Structural rearrangements are especially tough to find. “I think that we're missing most of the structural alterations of the genome,” says Meyerson. Scientists need more genomic sequence. But with short reads, labs will not be able to find all of the rearrangements.

It is statistically challenging to know what the background rate of genetic variation in cancer is, which is important for functionally discerning the role of mutations both rare and common, says Meyerson. Frequent genetic alterations in cancer might have been selected for, or there just might not be much counter-selection.

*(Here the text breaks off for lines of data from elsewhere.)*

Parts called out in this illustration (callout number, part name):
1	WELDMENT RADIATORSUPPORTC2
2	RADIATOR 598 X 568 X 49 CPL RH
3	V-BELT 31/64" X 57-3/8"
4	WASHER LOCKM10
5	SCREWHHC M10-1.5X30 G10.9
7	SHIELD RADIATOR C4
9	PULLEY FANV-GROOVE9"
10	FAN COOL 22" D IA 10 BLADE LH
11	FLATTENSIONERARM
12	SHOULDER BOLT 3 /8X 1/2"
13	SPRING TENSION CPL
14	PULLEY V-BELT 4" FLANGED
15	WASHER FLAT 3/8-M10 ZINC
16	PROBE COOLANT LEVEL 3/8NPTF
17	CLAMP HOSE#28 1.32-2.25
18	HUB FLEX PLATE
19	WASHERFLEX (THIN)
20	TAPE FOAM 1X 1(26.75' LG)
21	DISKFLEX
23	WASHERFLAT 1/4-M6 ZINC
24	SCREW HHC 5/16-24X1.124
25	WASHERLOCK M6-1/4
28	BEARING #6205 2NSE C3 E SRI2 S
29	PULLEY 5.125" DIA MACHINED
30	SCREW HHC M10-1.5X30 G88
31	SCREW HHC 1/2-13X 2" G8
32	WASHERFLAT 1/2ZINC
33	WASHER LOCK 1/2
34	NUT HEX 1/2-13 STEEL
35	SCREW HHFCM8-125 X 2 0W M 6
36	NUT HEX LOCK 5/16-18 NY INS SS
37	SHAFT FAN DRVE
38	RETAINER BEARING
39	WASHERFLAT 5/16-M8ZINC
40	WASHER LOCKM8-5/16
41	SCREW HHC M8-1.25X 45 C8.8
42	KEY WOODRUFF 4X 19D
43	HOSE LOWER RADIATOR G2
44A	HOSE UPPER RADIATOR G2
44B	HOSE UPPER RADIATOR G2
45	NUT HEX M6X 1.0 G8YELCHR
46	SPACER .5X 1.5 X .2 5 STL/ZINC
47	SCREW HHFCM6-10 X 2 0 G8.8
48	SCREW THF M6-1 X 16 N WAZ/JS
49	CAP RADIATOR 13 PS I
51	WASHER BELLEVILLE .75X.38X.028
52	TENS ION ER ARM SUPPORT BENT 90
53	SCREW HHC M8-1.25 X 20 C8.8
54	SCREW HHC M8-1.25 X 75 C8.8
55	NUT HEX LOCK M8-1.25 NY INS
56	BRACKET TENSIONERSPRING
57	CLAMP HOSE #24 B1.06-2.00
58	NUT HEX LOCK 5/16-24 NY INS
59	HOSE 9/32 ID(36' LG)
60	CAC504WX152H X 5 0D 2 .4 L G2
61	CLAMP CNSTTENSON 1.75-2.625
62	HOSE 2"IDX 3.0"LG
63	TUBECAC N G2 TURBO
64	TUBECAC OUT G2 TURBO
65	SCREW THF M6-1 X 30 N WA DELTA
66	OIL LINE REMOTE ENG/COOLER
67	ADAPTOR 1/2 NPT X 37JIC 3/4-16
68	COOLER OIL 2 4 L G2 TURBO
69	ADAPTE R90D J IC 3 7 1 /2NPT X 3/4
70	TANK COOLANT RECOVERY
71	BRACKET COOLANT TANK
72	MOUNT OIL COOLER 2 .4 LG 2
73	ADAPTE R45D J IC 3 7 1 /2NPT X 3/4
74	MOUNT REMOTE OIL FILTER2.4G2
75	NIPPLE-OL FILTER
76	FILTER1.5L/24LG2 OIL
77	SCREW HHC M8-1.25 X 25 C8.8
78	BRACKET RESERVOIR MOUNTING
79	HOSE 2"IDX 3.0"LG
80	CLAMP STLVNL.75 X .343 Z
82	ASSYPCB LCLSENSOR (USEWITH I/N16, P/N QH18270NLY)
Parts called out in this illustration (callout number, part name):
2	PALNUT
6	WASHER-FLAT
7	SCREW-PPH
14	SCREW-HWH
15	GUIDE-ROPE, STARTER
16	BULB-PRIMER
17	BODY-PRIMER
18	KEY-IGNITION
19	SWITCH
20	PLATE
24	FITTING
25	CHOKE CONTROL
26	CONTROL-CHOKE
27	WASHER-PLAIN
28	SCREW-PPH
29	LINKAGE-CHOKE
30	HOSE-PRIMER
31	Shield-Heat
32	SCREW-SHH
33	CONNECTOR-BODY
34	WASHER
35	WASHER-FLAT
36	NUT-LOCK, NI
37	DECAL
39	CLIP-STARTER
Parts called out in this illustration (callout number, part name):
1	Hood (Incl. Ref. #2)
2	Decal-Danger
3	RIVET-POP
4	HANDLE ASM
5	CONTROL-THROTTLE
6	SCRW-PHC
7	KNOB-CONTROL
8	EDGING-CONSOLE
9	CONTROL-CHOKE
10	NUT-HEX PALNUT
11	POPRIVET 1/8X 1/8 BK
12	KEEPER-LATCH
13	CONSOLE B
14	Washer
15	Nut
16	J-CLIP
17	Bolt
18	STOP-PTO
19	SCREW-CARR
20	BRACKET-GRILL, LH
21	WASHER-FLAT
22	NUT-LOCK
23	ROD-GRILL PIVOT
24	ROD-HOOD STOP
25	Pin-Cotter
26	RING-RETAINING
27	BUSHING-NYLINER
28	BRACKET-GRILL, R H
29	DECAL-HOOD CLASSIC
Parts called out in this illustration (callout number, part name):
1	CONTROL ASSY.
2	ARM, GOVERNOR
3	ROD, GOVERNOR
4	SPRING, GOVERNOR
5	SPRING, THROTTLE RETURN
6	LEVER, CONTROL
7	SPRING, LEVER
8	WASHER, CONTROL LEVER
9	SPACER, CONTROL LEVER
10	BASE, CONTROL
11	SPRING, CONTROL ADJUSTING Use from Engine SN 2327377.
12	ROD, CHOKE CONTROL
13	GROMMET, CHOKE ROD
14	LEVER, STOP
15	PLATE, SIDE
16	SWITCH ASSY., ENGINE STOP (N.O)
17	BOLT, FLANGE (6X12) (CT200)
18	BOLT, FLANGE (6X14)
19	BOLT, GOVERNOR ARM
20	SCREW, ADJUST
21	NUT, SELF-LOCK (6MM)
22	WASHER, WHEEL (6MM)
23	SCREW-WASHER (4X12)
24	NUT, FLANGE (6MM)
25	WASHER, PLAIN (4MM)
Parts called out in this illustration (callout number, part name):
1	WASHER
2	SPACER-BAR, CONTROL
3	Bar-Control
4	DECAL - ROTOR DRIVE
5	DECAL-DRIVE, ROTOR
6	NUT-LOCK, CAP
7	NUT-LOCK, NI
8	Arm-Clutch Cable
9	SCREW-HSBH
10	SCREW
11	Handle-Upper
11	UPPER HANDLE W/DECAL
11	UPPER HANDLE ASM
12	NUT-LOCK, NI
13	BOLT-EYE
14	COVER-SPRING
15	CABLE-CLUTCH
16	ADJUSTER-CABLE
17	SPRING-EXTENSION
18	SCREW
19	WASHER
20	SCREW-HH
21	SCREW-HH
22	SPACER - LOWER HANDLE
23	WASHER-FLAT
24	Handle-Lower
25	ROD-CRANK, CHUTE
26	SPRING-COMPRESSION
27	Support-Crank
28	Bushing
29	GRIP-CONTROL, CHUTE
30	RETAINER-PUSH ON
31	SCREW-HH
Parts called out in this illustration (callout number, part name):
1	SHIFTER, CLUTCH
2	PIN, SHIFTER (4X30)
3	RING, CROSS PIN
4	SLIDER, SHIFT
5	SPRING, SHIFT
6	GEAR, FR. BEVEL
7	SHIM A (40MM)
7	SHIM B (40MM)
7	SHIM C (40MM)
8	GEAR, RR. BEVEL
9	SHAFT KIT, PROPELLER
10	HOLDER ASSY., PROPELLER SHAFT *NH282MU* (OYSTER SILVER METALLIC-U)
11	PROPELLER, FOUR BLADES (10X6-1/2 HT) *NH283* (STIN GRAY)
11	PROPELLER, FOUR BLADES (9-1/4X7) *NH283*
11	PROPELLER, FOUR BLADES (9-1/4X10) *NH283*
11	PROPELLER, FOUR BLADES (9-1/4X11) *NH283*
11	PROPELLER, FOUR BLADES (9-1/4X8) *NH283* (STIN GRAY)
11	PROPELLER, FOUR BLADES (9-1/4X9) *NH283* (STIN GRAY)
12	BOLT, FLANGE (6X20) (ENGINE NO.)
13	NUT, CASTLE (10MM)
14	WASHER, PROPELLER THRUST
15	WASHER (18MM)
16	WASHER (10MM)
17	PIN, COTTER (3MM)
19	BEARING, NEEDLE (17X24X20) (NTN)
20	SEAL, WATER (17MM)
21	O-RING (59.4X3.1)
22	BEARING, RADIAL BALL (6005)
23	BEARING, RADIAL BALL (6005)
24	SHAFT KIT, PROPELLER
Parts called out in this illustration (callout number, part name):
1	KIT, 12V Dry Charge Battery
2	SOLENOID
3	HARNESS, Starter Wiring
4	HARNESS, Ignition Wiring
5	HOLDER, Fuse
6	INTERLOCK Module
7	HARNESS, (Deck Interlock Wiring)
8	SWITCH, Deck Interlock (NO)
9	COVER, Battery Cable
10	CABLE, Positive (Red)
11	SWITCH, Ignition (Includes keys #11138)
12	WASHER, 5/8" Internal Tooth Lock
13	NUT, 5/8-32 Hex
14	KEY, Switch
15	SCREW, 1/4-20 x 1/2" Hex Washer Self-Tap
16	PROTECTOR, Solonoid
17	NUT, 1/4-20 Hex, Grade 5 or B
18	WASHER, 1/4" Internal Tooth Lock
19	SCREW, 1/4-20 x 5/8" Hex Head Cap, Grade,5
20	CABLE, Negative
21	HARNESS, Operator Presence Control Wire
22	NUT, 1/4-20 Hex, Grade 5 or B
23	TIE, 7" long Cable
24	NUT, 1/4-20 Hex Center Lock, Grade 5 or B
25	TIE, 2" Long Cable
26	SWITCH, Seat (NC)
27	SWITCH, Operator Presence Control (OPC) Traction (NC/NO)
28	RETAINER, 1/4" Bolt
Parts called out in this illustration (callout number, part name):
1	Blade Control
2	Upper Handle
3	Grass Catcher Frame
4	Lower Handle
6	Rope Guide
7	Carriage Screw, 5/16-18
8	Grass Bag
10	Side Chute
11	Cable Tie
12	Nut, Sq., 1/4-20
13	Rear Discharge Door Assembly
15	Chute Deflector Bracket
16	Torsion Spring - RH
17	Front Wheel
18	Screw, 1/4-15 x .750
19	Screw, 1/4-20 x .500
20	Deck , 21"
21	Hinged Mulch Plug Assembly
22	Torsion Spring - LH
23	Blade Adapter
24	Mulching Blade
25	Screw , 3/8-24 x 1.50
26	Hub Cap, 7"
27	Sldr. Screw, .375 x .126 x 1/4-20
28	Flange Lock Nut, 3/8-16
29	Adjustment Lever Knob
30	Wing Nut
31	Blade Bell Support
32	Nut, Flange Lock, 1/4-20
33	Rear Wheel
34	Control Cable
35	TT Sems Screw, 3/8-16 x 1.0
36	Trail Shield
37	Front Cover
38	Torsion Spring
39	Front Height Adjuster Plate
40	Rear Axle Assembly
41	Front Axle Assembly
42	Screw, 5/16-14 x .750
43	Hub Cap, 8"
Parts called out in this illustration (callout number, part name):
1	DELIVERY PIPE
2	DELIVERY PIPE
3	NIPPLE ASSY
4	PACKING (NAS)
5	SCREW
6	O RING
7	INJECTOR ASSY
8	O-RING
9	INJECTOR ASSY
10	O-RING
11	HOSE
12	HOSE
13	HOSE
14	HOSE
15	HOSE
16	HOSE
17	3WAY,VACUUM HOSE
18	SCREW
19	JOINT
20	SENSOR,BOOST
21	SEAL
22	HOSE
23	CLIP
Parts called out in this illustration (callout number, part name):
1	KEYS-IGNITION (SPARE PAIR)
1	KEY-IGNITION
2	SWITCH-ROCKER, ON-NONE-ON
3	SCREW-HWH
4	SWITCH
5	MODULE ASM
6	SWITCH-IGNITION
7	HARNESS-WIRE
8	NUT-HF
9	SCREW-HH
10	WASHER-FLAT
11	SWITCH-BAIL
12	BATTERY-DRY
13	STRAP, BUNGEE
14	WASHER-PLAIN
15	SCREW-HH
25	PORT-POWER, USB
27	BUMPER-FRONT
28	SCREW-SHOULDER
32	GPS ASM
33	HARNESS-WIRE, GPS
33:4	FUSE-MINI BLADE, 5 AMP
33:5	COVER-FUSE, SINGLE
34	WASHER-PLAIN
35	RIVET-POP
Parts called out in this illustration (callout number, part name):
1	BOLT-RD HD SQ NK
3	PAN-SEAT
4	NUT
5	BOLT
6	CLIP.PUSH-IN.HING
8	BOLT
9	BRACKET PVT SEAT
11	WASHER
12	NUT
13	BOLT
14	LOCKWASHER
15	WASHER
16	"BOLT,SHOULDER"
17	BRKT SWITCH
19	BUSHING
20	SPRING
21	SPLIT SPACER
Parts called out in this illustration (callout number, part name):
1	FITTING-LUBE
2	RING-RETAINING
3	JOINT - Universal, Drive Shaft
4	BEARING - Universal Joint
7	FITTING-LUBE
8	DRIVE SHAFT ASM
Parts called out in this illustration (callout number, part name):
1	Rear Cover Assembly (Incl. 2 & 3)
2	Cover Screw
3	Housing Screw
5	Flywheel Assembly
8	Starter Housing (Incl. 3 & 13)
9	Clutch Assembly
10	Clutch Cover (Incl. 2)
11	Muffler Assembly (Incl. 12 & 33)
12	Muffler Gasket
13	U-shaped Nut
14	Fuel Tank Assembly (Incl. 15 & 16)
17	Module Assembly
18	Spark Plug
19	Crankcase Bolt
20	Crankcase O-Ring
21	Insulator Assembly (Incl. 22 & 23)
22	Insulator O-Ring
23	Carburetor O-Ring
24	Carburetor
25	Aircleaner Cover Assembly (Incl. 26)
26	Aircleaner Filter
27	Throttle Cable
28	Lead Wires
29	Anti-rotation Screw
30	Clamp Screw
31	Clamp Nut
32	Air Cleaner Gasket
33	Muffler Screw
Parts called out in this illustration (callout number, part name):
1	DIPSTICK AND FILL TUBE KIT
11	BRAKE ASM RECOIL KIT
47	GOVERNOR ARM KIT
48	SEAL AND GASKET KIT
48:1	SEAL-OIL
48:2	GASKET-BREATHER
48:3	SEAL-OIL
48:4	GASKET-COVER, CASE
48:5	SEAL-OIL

Existing state-of-the-art technology is good at finding point mutations in the exome and other nonrepetitive sequence. It remains challenging to find structural variations throughout the genome. What will truly help for the discovery of rare alterations is the statistical power that comes from studying more samples, says Meyerson. Technology advances now let labs begin to gain an understanding of structural alterations inside and outside of coding regions, he says. It's an experimental challenge and “absolutely a software question,” he says. A result can turn out to be an error, he says, and the flip side is also possible: a result that researchers think is an error can actually be real. Both incidents can affect patient treatment and progress in science.